21. Dans Genèse du Dieu souverain, Gwenaëlle Aubry reprend l’une des questions les plus disputées de la période médiévale à l’apogée de ses constructions spéculatives, la toute-puissance de Dieu scindée en une potentia Dei absoluta et une potentia Dei ordinata. En-deçà de cette distinction trop connue, que l’on doit vraisemblablement à Pierre Damien, mais qui trouve déjà une formulation approchante sous la plume d’Origène qui distinguait entre un agere per potentiam et un agere per iustitiam, Genèse du Dieu souverain mène l’enquête à partir de la conception augustinienne de l’omnipotentissima Bonitas jusqu’à l’insertion de la question de la puissance dans les grandes distinctions forgées par Duns Scot.
3La trajectoire que dessine cette longue et passionnante traversée généalogique est dominée par une intention fondamentale : repartir de l’ontologie aristotélicienne de l’« en-puissance » et de l’« acte » (dunamis / energeia) pour tenter de dépasser le paradigme moderne de l’ontologie de la puissance et son dérivé théologique, un concept de toute-puissance très exclusivement rabattu sur la conception absolutisée d’une liberté souveraine que rien ne saurait a priori limiter, pas même le principe de non-contradiction. Postuler un excès de la toute-puissance sur le principe de non-contradiction aboutit à des questions quasi insolubles et se solde par la nécessaire et lente dissociation entre toute-puissance et bonté. Faute d’une « ontologie » conséquente, la toute-puissance se satellise et s’autonomise en un système purement auto-référencé. Si le paradigme scotiste dans lequel se développe le rapport entre puissance absolue et puissance ordonnée demeure régulé par la riche texture de la contingence, celui-ci aura tôt fait de se transformer en œuvre politique de légitimation des structures de pouvoir.

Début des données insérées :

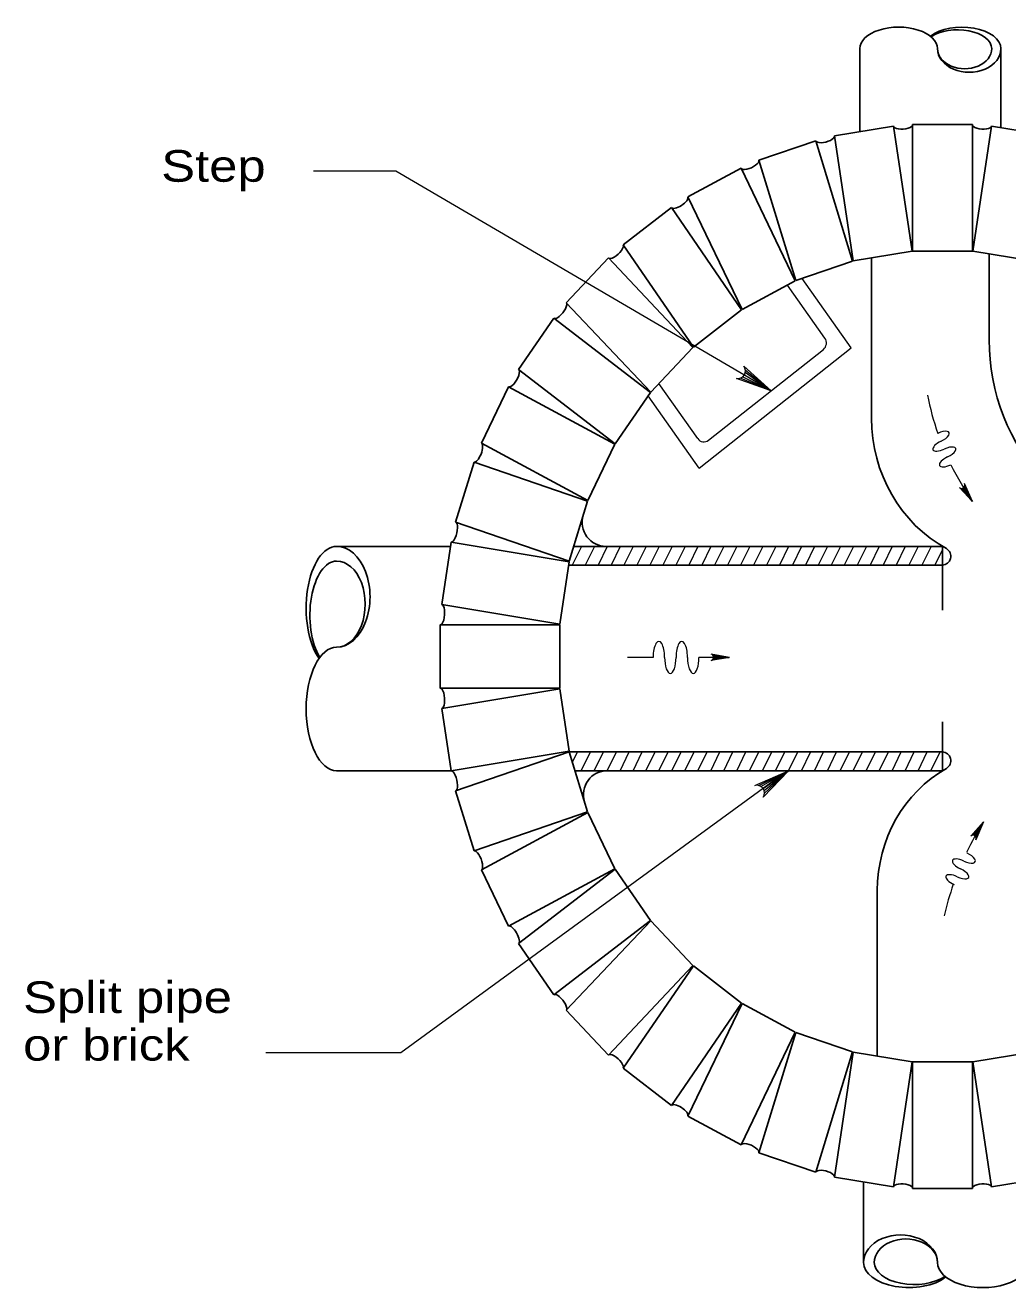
# Model space of a CAD drawing. Extents: x 1083.1 to 1117.1, y 697.4 to 741.4.
# Drawn here: x 1104.71 to 1109.55, y 723.01 to 729.25 of the extents above; entities that cross this region are included whole.
import ezdxf

# ---------------------------------------------------------------- set-up
doc = ezdxf.new("R2010")
doc.units = 0
doc.header["$LTSCALE"] = 0.062
doc.layers.add('1', color=7, linetype='Continuous', lineweight=13)

msp = doc.modelspace()

# ---------------------------------------------------------------- linework, layer by layer
at = {"layer": '1', "lineweight": 25}
for p, q in [((1108.823, 729.13192), (1108.823, 728.72233)), ((1109.51925, 729.13192), (1109.51925, 728.74242)), ((1109.08383, 728.758), (1109.08383, 728.13417)), ((1109.08383, 728.758), (1109.37842, 728.758)), ((1109.37842, 728.758), (1109.37842, 728.13417)), ((1108.69808, 728.70133), (1108.98908, 728.75017)), ((1108.69808, 728.70133), (1108.79025, 728.08517)), ((1108.98908, 728.75017), (1109.08125, 728.134)), ((1109.47317, 728.75017), (1109.381, 728.134)), ((1109.47317, 728.75017), (1109.76417, 728.70133)), ((1108.3255, 728.5815), (1108.60567, 728.67783)), ((1108.60567, 728.67783), (1108.78775, 728.08458)), ((1108.3255, 728.5815), (1108.50758, 727.98817)), ((1107.97517, 728.40133), (1108.23767, 728.543)), ((1108.23767, 728.543), (1108.50517, 727.98708)), ((1107.97517, 728.40133), (1108.24267, 727.8455)), ((1107.65583, 728.16542), (1107.89417, 728.34875)), ((1107.89417, 728.34875), (1108.2405, 727.84408)), ((1107.65583, 728.16542), (1108.00217, 727.66075)), ((1108.79025, 728.08517), (1109.08125, 728.134)), ((1109.08383, 728.13417), (1109.37842, 728.13417)), ((1109.381, 728.134), (1109.67192, 728.08517)), ((1107.37517, 727.87958), (1107.58358, 728.10008)), ((1107.58358, 728.10008), (1108.00017, 727.659)), ((1108.50758, 727.98817), (1108.78775, 728.08458)), ((1108.88108, 728.10042), (1108.88108, 727.30992)), ((1109.46125, 728.1205), (1109.46125, 727.69675)), ((1108.24267, 727.8455), (1108.50517, 727.98708)), ((1107.37517, 727.87958), (1107.79183, 727.43842)), ((1108.00217, 727.66075), (1108.2405, 727.84408)), ((1107.14033, 727.55067), (1107.3135, 727.80308)), ((1107.3135, 727.80308), (1107.79017, 727.43633)), ((1107.79183, 727.43842), (1108.00017, 727.659)), ((1107.14033, 727.55067), (1107.617, 727.184)), ((1106.95692, 727.187), (1107.09067, 727.46492)), ((1107.09067, 727.46492), (1107.61567, 727.18167)), ((1107.617, 727.184), (1107.79017, 727.43633)), ((1106.95692, 727.187), (1107.48192, 726.90375)), ((1107.48192, 726.90375), (1107.61567, 727.18167)), ((1106.8295, 726.79742), (1106.92058, 727.09408)), ((1106.92058, 727.09408), (1107.48092, 726.90125)), ((1107.38992, 726.60467), (1107.48092, 726.90125)), ((1106.8295, 726.79742), (1107.38992, 726.60467)), ((1106.76125, 726.3915), (1106.80733, 726.69958)), ((1106.80733, 726.69958), (1107.38933, 726.602)), ((1106.243, 726.678), (1106.80408, 726.678)), ((1107.41242, 726.678), (1109.23108, 726.678)), ((1109.23108, 726.678), (1109.23108, 726.36308)), ((1107.34325, 726.29392), (1107.38933, 726.602)), ((1107.38692, 726.58583), (1109.23108, 726.58583)), ((1106.76125, 726.3915), (1107.34325, 726.29392)), ((1106.75375, 725.97933), (1106.75375, 726.29125)), ((1106.75375, 726.29125), (1107.343, 726.29125)), ((1107.343, 725.97933), (1107.343, 726.29125)), ((1106.75375, 725.97933), (1107.343, 725.97933)), ((1106.76125, 725.879), (1107.34325, 725.97658)), ((1107.38933, 725.6685), (1107.34325, 725.97658)), ((1106.80733, 725.57092), (1106.76125, 725.879)), ((1109.23108, 725.81317), (1109.23108, 725.57233)), ((1106.80733, 725.57092), (1107.38933, 725.6685)), ((1106.8295, 725.47308), (1107.38992, 725.66583)), ((1107.48092, 725.36925), (1107.38992, 725.66583)), ((1107.39033, 725.6645), (1108.83858, 725.6645)), ((1108.83858, 725.6645), (1109.23108, 725.6645)), ((1106.243, 725.57233), (1106.80708, 725.57233)), ((1107.41858, 725.57233), (1108.83858, 725.57233)), ((1108.83858, 725.57233), (1109.23108, 725.57233)), ((1106.92058, 725.17642), (1106.8295, 725.47308)), ((1106.92058, 725.17642), (1107.48092, 725.36925)), ((1106.95692, 725.0835), (1107.48192, 725.36675)), ((1107.61567, 725.08883), (1107.48192, 725.36675)), ((1107.09067, 724.80558), (1106.95692, 725.0835)), ((1107.09067, 724.80558), (1107.61567, 725.08883)), ((1107.14033, 724.71983), (1107.617, 725.0865)), ((1107.79017, 724.83417), (1107.617, 725.0865)), ((1108.90933, 724.16533), (1108.90933, 724.98117)), ((1107.3135, 724.46742), (1107.79017, 724.83417)), ((1107.37525, 724.39092), (1107.79183, 724.83208)), ((1108.00017, 724.6115), (1107.79183, 724.83208)), ((1107.3135, 724.46742), (1107.14033, 724.71983)), ((1107.5835, 724.17042), (1108.00017, 724.6115)), ((1107.65583, 724.10508), (1108.00217, 724.60975)), ((1108.2405, 724.42642), (1108.00217, 724.60975)), ((1107.89417, 723.92175), (1108.2405, 724.42642)), ((1107.97517, 723.86917), (1108.24267, 724.425)), ((1108.50517, 724.28342), (1108.24267, 724.425)), ((1107.5835, 724.17042), (1107.37525, 724.39092)), ((1108.23767, 723.7275), (1108.50517, 724.28342)), ((1108.3255, 723.68908), (1108.50758, 724.28233)), ((1108.78775, 724.18592), (1108.50758, 724.28233)), ((1108.60567, 723.59267), (1108.78775, 724.18592)), ((1108.69808, 723.56917), (1108.79025, 724.18533)), ((1109.08125, 724.1365), (1108.79025, 724.18533)), ((1109.672, 724.18533), (1109.381, 724.1365)), ((1107.89417, 723.92175), (1107.65583, 724.10508)), ((1108.98908, 723.52042), (1109.08125, 724.1365)), ((1109.37842, 724.13633), (1109.08383, 724.13633)), ((1109.08383, 723.5125), (1109.08383, 724.13633)), ((1109.37842, 723.5125), (1109.37842, 724.13633)), ((1109.47317, 723.52042), (1109.381, 724.1365)), ((1108.23767, 723.7275), (1107.97517, 723.86917)), ((1108.60567, 723.59267), (1108.3255, 723.68908)), ((1108.98908, 723.52042), (1108.69808, 723.56917)), ((1108.84167, 723.148), (1108.84167, 723.54508)), ((1109.76417, 723.56917), (1109.47317, 723.52042)), ((1109.37842, 723.5125), (1109.08383, 723.5125))]:
    msp.add_line(p, q, dxfattribs=at)
at = {"layer": '1'}
for p, q in [((1108.651, 727.70508), (1108.46667, 727.96633)), ((1108.78117, 727.6565), (1108.5395, 727.99917)), ((1108.03075, 727.06333), (1108.78117, 727.6565)), ((1108.07667, 727.20108), (1108.64333, 727.64908)), ((1108.24642, 727.5145), (1108.38533, 727.44508)), ((1108.25367, 727.52333), (1108.38533, 727.44508)), ((1108.25858, 727.54925), (1108.38533, 727.44508)), ((1108.25858, 727.53717), (1108.38533, 727.44508)), ((1108.02383, 727.20925), (1107.83208, 727.481)), ((1108.23608, 727.50775), (1108.38533, 727.44508)), ((1108.03075, 727.06333), (1107.77908, 727.42017)), ((1109.37925, 726.89983), (1109.31483, 726.96917)), ((1109.37925, 726.89983), (1109.325, 726.96425)), ((1109.33142, 726.96533), (1109.37817, 726.901)), ((1109.37925, 726.89983), (1109.33758, 726.97017)), ((1109.37925, 726.89983), (1109.3395, 726.9875)), ((1109.37925, 726.89983), (1109.34033, 726.97533)), ((1109.37925, 726.89983), (1109.34042, 726.97517)), ((1107.45, 726.678), (1107.40467, 726.58583)), ((1107.51392, 726.678), (1107.4685, 726.58583)), ((1107.57783, 726.678), (1107.53242, 726.58583)), ((1107.64167, 726.678), (1107.59633, 726.58583)), ((1107.70558, 726.678), (1107.66017, 726.58583)), ((1107.7695, 726.678), (1107.72408, 726.58583)), ((1107.83333, 726.678), (1107.78792, 726.58583)), ((1107.89725, 726.678), (1107.85183, 726.58583)), ((1107.96108, 726.678), (1107.91575, 726.58583)), ((1108.025, 726.678), (1107.97958, 726.58583)), ((1108.08892, 726.678), (1108.0435, 726.58583)), ((1108.15275, 726.678), (1108.10733, 726.58583)), ((1108.21667, 726.678), (1108.17125, 726.58583)), ((1108.28058, 726.678), (1108.23517, 726.58583)), ((1108.34442, 726.678), (1108.299, 726.58583)), ((1108.40833, 726.678), (1108.36292, 726.58583)), ((1108.47217, 726.678), (1108.42683, 726.58583)), ((1108.53608, 726.678), (1108.49067, 726.58583)), ((1108.6, 726.678), (1108.55458, 726.58583)), ((1108.66383, 726.678), (1108.61842, 726.58583)), ((1108.72775, 726.678), (1108.68233, 726.58583)), ((1108.79167, 726.678), (1108.74625, 726.58583)), ((1108.8555, 726.678), (1108.81008, 726.58583)), ((1108.91942, 726.678), (1108.874, 726.58583)), ((1108.98325, 726.678), (1108.93783, 726.58583)), ((1109.04717, 726.678), (1109.00175, 726.58583)), ((1109.11108, 726.678), (1109.06567, 726.58583)), ((1109.17492, 726.678), (1109.1295, 726.58583)), ((1109.23108, 726.66233), (1109.19342, 726.58583)), ((1108.18042, 726.13083), (1108.08975, 726.14683)), ((1108.18042, 726.13083), (1108.09967, 726.1405)), ((1108.18042, 726.13083), (1108.09983, 726.1405)), ((1107.80383, 726.13083), (1107.67767, 726.13083)), ((1108.18042, 726.13083), (1108.03, 726.13083)), ((1108.18042, 726.13083), (1108.08975, 726.11483)), ((1108.18042, 726.13083), (1108.09942, 726.12083)), ((1108.18042, 726.13083), (1108.10208, 726.13517)), ((1108.10225, 726.127), (1108.17883, 726.13058)), ((1107.40583, 725.61383), (1107.43083, 725.6645)), ((1107.44925, 725.57233), (1107.49467, 725.6645)), ((1107.51317, 725.57233), (1107.55858, 725.6645)), ((1107.57708, 725.57233), (1107.62242, 725.6645)), ((1107.64092, 725.57233), (1107.68633, 725.6645)), ((1107.70483, 725.57233), (1107.75025, 725.6645)), ((1107.76867, 725.57233), (1107.81408, 725.6645)), ((1107.83258, 725.57233), (1107.878, 725.6645)), ((1107.8965, 725.57233), (1107.94192, 725.6645)), ((1107.96033, 725.57233), (1108.00575, 725.6645)), ((1108.02425, 725.57233), (1108.06967, 725.6645)), ((1108.08817, 725.57233), (1108.1335, 725.6645)), ((1108.152, 725.57233), (1108.19742, 725.6645)), ((1108.21592, 725.57233), (1108.26133, 725.6645)), ((1108.27975, 725.57233), (1108.32517, 725.6645)), ((1108.34367, 725.57233), (1108.38908, 725.6645)), ((1108.40758, 725.57233), (1108.45292, 725.6645)), ((1108.47142, 725.57233), (1108.51683, 725.6645)), ((1108.53533, 725.57233), (1108.5805, 725.664)), ((1108.59917, 725.57233), (1108.64458, 725.6645)), ((1108.66308, 725.57233), (1108.7085, 725.6645)), ((1108.727, 725.57233), (1108.77242, 725.6645)), ((1108.79083, 725.57233), (1108.83625, 725.6645)), ((1108.85475, 725.57233), (1108.90017, 725.6645)), ((1108.85475, 725.57233), (1108.89992, 725.664)), ((1108.91867, 725.57233), (1108.964, 725.6645)), ((1108.9825, 725.57233), (1109.02792, 725.6645)), ((1109.04642, 725.57233), (1109.09183, 725.6645)), ((1109.11033, 725.57233), (1109.15567, 725.6645)), ((1109.17417, 725.57233), (1109.21958, 725.6645)), ((1108.32458, 725.49933), (1108.47142, 725.57233)), ((1108.33558, 725.49442), (1108.47142, 725.57233)), ((1108.34617, 725.48425), (1108.47142, 725.57233)), ((1108.35133, 725.474), (1108.47142, 725.57233)), ((1108.35325, 725.46183), (1108.47142, 725.57233)), ((1109.4335, 725.32025), (1109.37092, 725.249)), ((1109.4335, 725.32025), (1109.38133, 725.25425)), ((1109.4335, 725.32025), (1109.3815, 725.25433)), ((1109.4335, 725.32025), (1109.38692, 725.25342)), ((1109.39342, 725.24908), (1109.43283, 725.31867)), ((1109.4335, 725.32025), (1109.39608, 725.23133)), ((1109.4335, 725.32025), (1109.39667, 725.24317))]:
    msp.add_line(p, q, dxfattribs=at)
for points in [[(1108.38533, 727.44508), (1106.53542, 728.528), (1106.12867, 728.528)], [(1108.25125, 727.566), (1108.38533, 727.44508), (1108.21508, 727.50508)], [(1108.446, 725.557), (1106.56008, 724.18133), (1105.8945, 724.18133)], [(1108.30625, 725.4995), (1108.47142, 725.57233), (1108.347, 725.44158)]]:
    msp.add_lwpolyline(points, dxfattribs=at)
for centre, start, end in [((1108.22084, 727.54282), 261.36559, 37.19171), ((1108.31498, 725.46228), 327.19941, 103.02554)]:
    msp.add_arc(centre, 0.0382, start, end, dxfattribs=at)
at = {"layer": '1', "lineweight": 25}
for centre, start, end in [((1107.57206, 726.79599), 162.93825, 270), ((1107.57826, 725.45434), 90, 197.06204)]:
    msp.add_arc(centre, 0.118, start, end, dxfattribs=at)
for centre, major_axis, ratio, start_param, end_param in [((1109.01477, 729.13189), (0.19174, 0), 0.553681, 0, 3.1415927), ((1109.32751, 729.13189), (0.19174, 0), 0.553681, 0, 2.5244674), ((1109.30532, 729.13189), (0.16853, 0), 0.553681, 0, 2.4601045), ((1109.34018, 729.13189), (0.13367, 0), 0.743645, 3.1415928, 6.2831855), ((1109.36288, 729.13189), (0.15637, 0), 0.743645, 3.1415928, 6.2831855), ((1109.03643, 728.75408), (0.04736, 0.00403), 0.392063, 3.1374537, 6.2790464), ((1109.42579, 728.75408), (0.04736, -0.00402), 0.392063, 3.1457278, 6.2873205), ((1108.65187, 728.68959), (0.04614, 0.01196), 0.389745, 3.1296802, 6.2712729), ((1108.28158, 728.56221), (0.04376, 0.01956), 0.385425, 3.1233154, 6.2649081), ((1107.93466, 728.37507), (0.04029, 0.02663), 0.37966, 3.1190216, 6.2606142), ((1107.61967, 728.13278), (0.03583, 0.033), 0.373134, 3.117142, 6.2587347), ((1107.34436, 727.8413), (0.03052, 0.03853), 0.366547, 3.1177098, 6.2593025), ((1110.39145, 727.69675), (0, 0.98483), 0.944544, 1.5707933, 3.1415918), ((1107.1155, 727.50782), (0.0245, 0.04308), 0.360527, 3.1205104, 6.2621031), ((1109.56493, 727.30989), (0, -0.72403), 0.944544, 4.7123884, 5.8053598), ((1106.93874, 727.14054), (0.01791, 0.04658), 0.355581, 3.1251606, 6.2667532), ((1106.81842, 726.7485), (0.01091, 0.04895), 0.352085, 3.1311777, 6.2727704), ((1106.243, 726.37349), (0, 0.30449), 0.493973, 6.2831853, 8.8076526), ((1106.243, 726.42966), (0, 0.24833), 0.663452, 3.1415925, 6.2831852), ((1109.23105, 726.629), (0, -0.04315), 0.944544, 0.0006242, 2.6457264), ((1106.243, 726.33825), (0, 0.26763), 0.493973, 6.2831853, 8.7432897), ((1106.243, 726.3936), (0, 0.21228), 0.663452, 3.1415925, 6.2831852), ((1106.75751, 726.34136), (0.00366, 0.05015), 0.350278, 3.1380288, 6.2796215), ((1106.243, 725.87683), (0, 0.30449), 0.493973, 6.2831853, 9.4247779), ((1106.75751, 725.92915), (-0.00367, 0.05015), 0.350278, 3.1451597, 6.2867524), ((1109.23107, 725.62151), (0, 0.04297), 0.944544, 3.6464672, 6.2827998), ((1109.55476, 724.98115), (0, 0.68332), 0.944544, 0.4905201, 1.5707908), ((1106.81842, 725.52201), (-0.01091, 0.04895), 0.352086, 3.1520106, 6.2936033), ((1106.93873, 725.12998), (-0.01791, 0.04658), 0.355583, 3.1580272, 6.2996199), ((1107.11549, 724.76269), (-0.0245, 0.04308), 0.360529, 3.1626767, 6.3042693), ((1107.34435, 724.42921), (-0.03053, 0.03852), 0.36655, 3.1654763, 6.307069), ((1107.61966, 724.13773), (-0.03584, 0.033), 0.373137, 3.166043, 6.3076357), ((1107.93466, 723.89543), (-0.04029, 0.02663), 0.379662, 3.1641623, 6.3057549), ((1108.28157, 723.70829), (-0.04376, 0.01956), 0.385427, 3.1598674, 6.3014601), ((1108.65187, 723.58091), (-0.04614, 0.01196), 0.389747, 3.1535017, 6.2950944), ((1109.03642, 723.51643), (-0.04736, 0.00402), 0.392063, 3.1457278, 6.2873205), ((1109.42578, 723.51643), (-0.04736, -0.00403), 0.392063, 3.1374537, 6.2790464), ((1109.02407, 723.14797), (-0.18243, 0), 0.743645, 3.1415928, 6.2831855), ((1109.05055, 723.14797), (-0.15595, 0), 0.743645, 3.1415928, 6.2831855), ((1109.06533, 723.14797), (-0.2237, 0), 0.553681, 0, 2.5244674), ((1109.09122, 723.14797), (-0.19662, 0), 0.553681, 0, 2.4601045), ((1109.4302, 723.14797), (-0.2237, 0), 0.553681, 0, 3.1415927)]:
    msp.add_ellipse(centre, major_axis=major_axis, ratio=ratio, start_param=start_param, end_param=end_param, dxfattribs=at)
at = {"layer": '1'}
for centre, major_axis, ratio, start_param, end_param in [((1108.62074, 727.68113), (0, -0.03998), 0.944544, 0.6413781, 2.2121698), ((1110.39145, 727.69675), (0, 1.3355), 0.944544, 1.7766136, 1.9236264), ((1108.05405, 727.23315), (0, -0.03998), 0.944544, 5.3537624, 6.9245643), ((1109.21581, 727.21591), (0.0479, 0.02288), 0.394857, 4.6926325, 7.8342252), ((1109.23197, 727.17719), (0.0479, 0.02288), 0.394857, 1.5510399, 4.6926325), ((1109.24814, 727.13847), (0.0479, 0.02288), 0.394857, 4.6926325, 7.8342252), ((1109.26431, 727.09975), (0.0479, 0.02288), 0.394857, 1.5510399, 4.6926325), ((1110.39145, 727.69675), (0, 1.3355), 0.944544, 2.0505118, 2.2102187), ((1109.32581, 726.9804), (0, -0.01618), 0.944544, 5.477695, 8.3116647), ((1107.83212, 726.13084), (0, -0.07867), 0.359358, 1.5707963, 4.712389), ((1107.94521, 726.13084), (0, -0.07867), 0.359358, 1.5707963, 4.712389), ((1108.0874, 726.13085), (0, -0.01618), 0.944544, 0.1533668, 2.9873365), ((1107.88866, 726.13084), (0, -0.07867), 0.359358, 4.712389, 7.8539816), ((1108.00175, 726.13084), (0, -0.07867), 0.359358, 4.712389, 7.8539816), ((1110.58476, 724.5014), (0, -1.46838), 0.944544, 4.1208628, 4.2402335), ((1109.38219, 725.2381), (0, -0.01618), 0.944544, 1.1399744, 3.9739441), ((1109.34442, 725.14629), (0.04794, -0.02278), 0.394921, 4.7320843, 7.873677), ((1109.32832, 725.10754), (0.04794, -0.02278), 0.394921, 1.5904917, 4.7320843), ((1109.31222, 725.06879), (0.04794, -0.02278), 0.394921, 4.7320843, 7.873677), ((1109.29611, 725.03003), (0.04794, -0.02278), 0.394921, 1.5904917, 4.7320843), ((1110.58476, 724.5014), (0, -1.46837), 0.944544, 4.3571696, 4.467435)]:
    msp.add_ellipse(centre, major_axis=major_axis, ratio=ratio, start_param=start_param, end_param=end_param, dxfattribs=at)

# ---------------------------------------------------------------- texts
at = {"layer": '1', "width": 1.2}
for s, p in [('Step', (1105.37783, 728.47575)), ('Split pipe', (1104.69675, 724.37783)), ('or brick', (1104.69675, 724.14317))]:
    msp.add_text(s, height=0.156, dxfattribs=at).set_placement(p)

doc.saveas('drawing.dxf')

4Nul ne saurait ignorer la modernité de Duns Scot en ces matières, dans la mesure où toute-puissance, volonté et liberté viennent à s’identifier comme « le principe d’une relation nécessairement contingente de l’étant infini aux étants finis » (p. 35), si bien que la contingence va pouvoir être dissociée de l’« en-puissance » (dunamis) et ainsi référée à la toute-puissance comme choix libre entre deux contraires. La structure scotiste tirera à conséquence y compris dans les débats modernes sur la grâce. Cette structure n’est-elle pas grosse de la conception moderne et moliniste de la liberté d’indifférence comme pure potentia ad opposita ? Gwenaëlle Aubry ne traite pas de cette conjonction possible dans son magnifique ouvrage. J’y vois, pour ma part, une possible résonance. En effet, il fallait être en possession de ce modèle de puissance, qui relie contingence et liberté, pour que l’homme, dans les choix libres qui déterminent sa puissance d’agir, puisse toujours choisir librement l’un quelconque des opposés qui s’offrent à sa détermination volontaire. Réplique ou réponse spécieuse de la créature à son Créateur ? La modernité se caractérise aussi par la mise en œuvre de structures transactionnelles entre Dieu et l’homme pour que ni l’efficace de la grâce ni le libre-arbitre ne soient contrariés. Ce faisant, Dieu est alors contraint d’être doté d’une science de la prévision qui le rend apte à intervenir et à s’immiscer dans les futurs contingents, de telle sorte que l’efficace de la grâce ne soit pas rendu vain. Dans les analyses très fines et éclairantes que conduit G. Aubry, la figure de Duns Scot occupe d’évidence une place centrale. L’enquête menée est certes de type diachronique, mais Scot apparaît dès les pages introductives dans la mise en intrigue que propose G. Aubry. Le chapitre V (Duns Scot ou l’infini de la puissance), chapitre final, lui est entièrement consacré, après que l’auteur eût pris la peine de nous gratifier d’un chapitre inaugural et magistral sur Augustin. Comme le souligne G. Aubry, chez Scot la contingence sera engagée nécessairement par l’écart entre l’infini et le fini, si bien que la compatibilité entre toute-puissance, bonté et justice a du mal à s’articuler et à se concevoir selon un ordre providentiel qui ne surdétermine pas l’incommensurabilité entre fini et infini.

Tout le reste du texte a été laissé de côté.